Although FRAPA and FRAP are conceptually equivalent, photobleaching associated with time-lapse imaging breaks the symmetry of these two methods: in FRAP, photobleaching leads to an underestimation of recovery rates, whereas in FRAPA, it leads to an overestimation of exchange rates. Furthermore, the bleaching rate of photoactivated PAGFP:Bsn95-3938 was found to be approximately twice as large as that of GFP:Bsn95-3938 (supplemental Fig. 3, available at www.jneurosci.org as supplemental material). Finally, in FRAP, errors arising from photobleaching are more significant near the end of the recovery phase (which is critical for correct estimations of slow exchange rates), whereas in FRAPA, such errors are extremely significant at initial phases of recovery (this is demonstrated in an interactive spreadsheet provided as supplemental data, available at www.jneurosci.org as supplemental material). We thus optimized the experimental protocol to match the advantages and disadvantages of FRAPA. Specifically, we used FRAPA to measure the exchange kinetics of the slowly exchanging (PA)GFP:Bsn95-3938 pool by following the decay of photoactivated PAGFP:Bsn95-3938 fluorescence at very low sampling rates (one image per hour) for 13–20 h, purposely ignoring the decay kinetics during the first 1–2 h. As shown in Figure 4B, fluorescence decay occurred over many hours. When data from all experiments were pooled together (45 boutons, 8 cells, 5 separate experiments), the mean decay plots could be fit to two exponentials (Fig. 4C). The time constant for the “fast” pool is of no significance because the initial recovery period was undersampled for reasons explained above. However, the sampling rates and durations were well suited for measuring the exchange rates of the slowly exchanging pool, and thus the time constant measured for this component, 501 min (>8 h), is quite reliable. When bringing into account the fact that FRAPA-based measurements inherently overestimate exchange rates, these experiments strongly confirm and extend the previous conclusion (Fig. 3) that the loss and reincorporation rates of presynaptic bassoon are indeed very slow. It should be noted that significant variability in the exchange rates of different boutons was also evident in FRAPA experiments (Fig. 4D), although it was slightly less pronounced, probably as a result of the low sampling rates and the fact that no compensation for ongoing bleaching was performed.

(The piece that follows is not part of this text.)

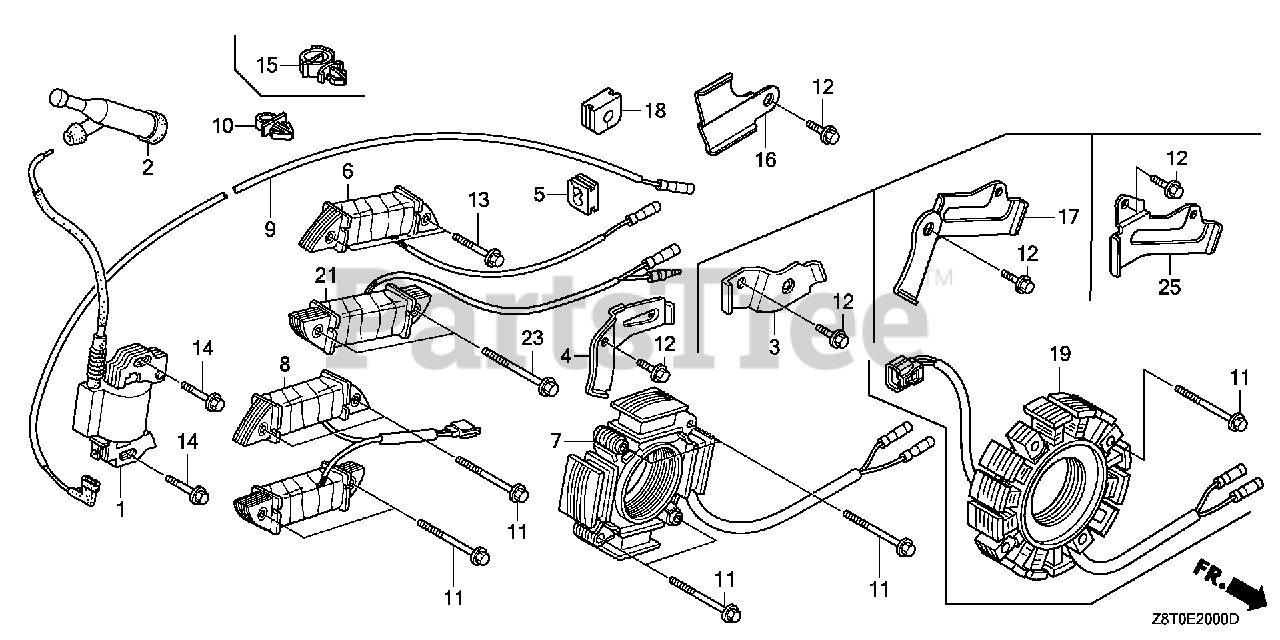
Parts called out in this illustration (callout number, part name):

Previous studies have shown that some presynaptic proteins are continuously exchanged among nearby presynaptic boutons (Sankaranarayanan and Ryan, 2000, 2001; Li and Murthy, 2001; Darcy et al., 2006; Fernández-Alfonso et al., 2006; Tsuriel et al., 2006; Wienisch and Klingauf 2006) (for review, see Staras, 2007). Are CAZ molecules interchanged as well? Can Bassoon lost from one presynaptic locus migrate to nearby presynaptic sites and assimilate into the CAZ at these loci? To examine this possibility, we photoactivated PAGFP:Bsn95-3938 in small groups of presynaptic boutons (Fig. 5C,D) and followed the redistribution of photoactivated PAGFP:Bsn95-3938 by time-lapse imaging (Fig. 5F). In 8 of 14 experiments (7 different preparations), photoactivated PAGFP:Bsn95-3938 was clearly observed to accumulate at AZs residing outside the originally photoactivated region (Fig. 5F). We were interested to determine the mode of PAGFP:Bsn95-3938 accumulation at these sites: did fluorescence increase gradually and monotonically, or was material shuttled to these sites in the form of mobile packets as shown previously to occur during synaptogenesis (Krueger et al., 2003; Shapira et al., 2003; Bresler et al., 2004; Dresbach et al., 2006; Tao-Cheng, 2007)? Indeed, mobile packets of photoactivated PAGFP:Bsn95-3938 were occasionally observed to move inside and away from the photoactivation regions (for example, see t = 68 in Fig. 5F and supplemental Fig. 1, available at www.jneurosci.org as supplemental material). To that end, we repeated these experiments at higher temporal resolutions better matched to axonal transport processes (two to four images per minute). However, at these sampling rates, photobleaching reduced the fluorescence of photoactivated PAGFP:Bsn95-3938 to very low levels within 10–20 min (supplemental Fig. 3, available at www.jneurosci.org as supplemental material), and ultimately we were not able to determine with absolute certainty that such packets were a major source of photoactivated PAGFP:Bsn95-3938 that accumulated at nonphotoactivated AZs (>15 separate experiments). We thus conclude that, in common with other presynaptic (and postsynaptic) molecules studied so far, Bassoon seems to be interchanged among nearby synapses, although the mode of interchanging remains uncertain.

Figure 5.
Figure 5.

Redistribution of PAGFP:Bsn95-3938 among nearby synapses. Image of axons from neurons expressing both CFP and PAGFP:Bsn95-3938. A, DIC image. B, CFP channel. C, PAGFP:Bsn95-3938, before photoactivation. D, Same region as in A–C shortly after selective photoactivation of region enclosed in reticule. E, Same region after nonselective photoactivation of entire field at the end of the experiment. Note the appearance of dim fluorescence along axons (arrowheads). F, Time lapse of PAGFP:Bsn95-3938 following restricted photoactivation shown in D. Note the appearance of photoactivated PAGFP:Bsn95-3938 at presynaptic sites residing outside of the photoactivated region (arrow and arrowhead). Also apparent is the significant reduction in fluorescence of all photoactivated boutons, probably attributable to a combination of photobleaching caused by recurrent imaging and the ongoing exchange of photoactivated PAGFP:Bsn95-3938 with nonphotoactivated PAGFP:Bsn95-3938 from sources outside the photoactivated region.

Discussion

The molecular dynamics associated with SV release on the one hand and the lack of obvious structural barriers that confine presynaptic components to presynaptic compartments on the other would seem to seriously challenge the stability and tenacity of the presynaptic bouton. In this study, we examined the molecular dynamics exhibited by Bassoon, one of the largest CAZ molecules, to examine the possibility that the CAZ or some of its components might function as a relatively stable “core scaffold” that defines and maintains the characteristics and organization of the presynaptic site.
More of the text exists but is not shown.